Environmental Protection Agency (EPA) oversee the development of groundwater extraction and remedy amenities. Along with water, concrete, glass and dirt prove pretty efficient at storing radioactive materials, notably when paired with containment vessels and storage amenities. If the soil itself is contaminated, however, it could must be extracted and buried at a containment facility and even encased in concrete. It is not a too-good-to-be-true miracle cure, however it may be utilized in a variety of the way to boost your efforts to combat critical, chronic diseases (and as noted in the box on pages 75 and 76, it could lend a healing hand in opposition to some frequent, minor discomforts). May be they speak some philosophy to you to hide truth from you. Over time, the nuclei of radioactive atoms emit what’s referred to as ionizing radiation, which may are available in three primary types: alpha particles, beta particles and gamma rays. Unlike alpha and beta particles, however, gamma rays can move directly by the body, wreaking havoc in the process.

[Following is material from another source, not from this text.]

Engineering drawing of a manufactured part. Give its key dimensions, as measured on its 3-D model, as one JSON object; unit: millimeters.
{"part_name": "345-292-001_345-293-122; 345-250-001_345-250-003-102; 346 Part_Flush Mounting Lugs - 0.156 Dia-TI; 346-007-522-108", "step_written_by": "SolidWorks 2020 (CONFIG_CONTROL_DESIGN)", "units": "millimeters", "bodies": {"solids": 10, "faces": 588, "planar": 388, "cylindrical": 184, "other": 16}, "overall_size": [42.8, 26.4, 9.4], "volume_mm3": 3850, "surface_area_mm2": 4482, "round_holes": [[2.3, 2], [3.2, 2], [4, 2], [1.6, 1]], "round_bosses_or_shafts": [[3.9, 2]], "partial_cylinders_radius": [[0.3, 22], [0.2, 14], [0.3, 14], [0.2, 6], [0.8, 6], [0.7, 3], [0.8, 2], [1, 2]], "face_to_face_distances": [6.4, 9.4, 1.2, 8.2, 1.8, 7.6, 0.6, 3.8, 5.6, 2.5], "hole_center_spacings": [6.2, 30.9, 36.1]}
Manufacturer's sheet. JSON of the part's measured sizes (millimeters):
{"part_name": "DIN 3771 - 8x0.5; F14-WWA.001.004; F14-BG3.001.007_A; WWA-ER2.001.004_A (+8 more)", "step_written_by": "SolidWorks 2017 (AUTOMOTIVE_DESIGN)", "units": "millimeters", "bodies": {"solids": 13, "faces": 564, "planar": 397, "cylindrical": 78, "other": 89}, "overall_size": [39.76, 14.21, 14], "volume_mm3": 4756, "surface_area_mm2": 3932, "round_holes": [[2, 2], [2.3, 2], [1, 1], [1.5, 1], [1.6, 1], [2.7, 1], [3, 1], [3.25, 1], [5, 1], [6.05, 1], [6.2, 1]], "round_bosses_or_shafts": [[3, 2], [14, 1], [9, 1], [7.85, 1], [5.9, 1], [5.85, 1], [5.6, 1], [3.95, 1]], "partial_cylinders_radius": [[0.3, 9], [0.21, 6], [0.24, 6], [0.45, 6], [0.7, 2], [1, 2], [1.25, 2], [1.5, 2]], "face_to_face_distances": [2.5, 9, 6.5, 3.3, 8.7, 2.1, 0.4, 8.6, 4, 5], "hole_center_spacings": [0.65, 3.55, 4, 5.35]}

However, what if it does? Thanks to rigorous safety standards and mechanisms, nonetheless, staff at nuclear energy plants (and everywhere else radioactive materials is handled) very rarely come involved with dangerous ranges of radiation. In many instances, workers are tasked with easy chores like sweeping up low-degree radioactive materials, wiping down surfaces with decontaminating chemicals and amassing debris for disposal. Regardless of the type of contamination, mopping up radioactive materials is a dangerous task, and patience is typically one of the best approach to safely decontaminating a site. As an illustration, Germany volunteered two robots to aid in stabilizing and, ultimately, decontaminating Fukushima Daiichi. On December 19, 2017, Yapian, the owner of South Korean trade Youbit, filed for bankruptcy after suffering two hacks that yr. In July 2021, two RCMP officers in Nova Scotia stopped a automotive containing a black couple, and ordered the male driver at gunpoint to exit the automobile with arms raised. On July 5, she performed one other new tune, “Deeper Shade Of Us”, with disco influences. Garland´s character, Dorothy, has to click the slippers’ heels 3 times and repeat, ‘There´s no place like home,’ to return house to Kansas. William claimed he was eager for Vera to return to the UK to reside with the lady whereas he was working in Nigeria and she sent a further £1,000 to pay for flights.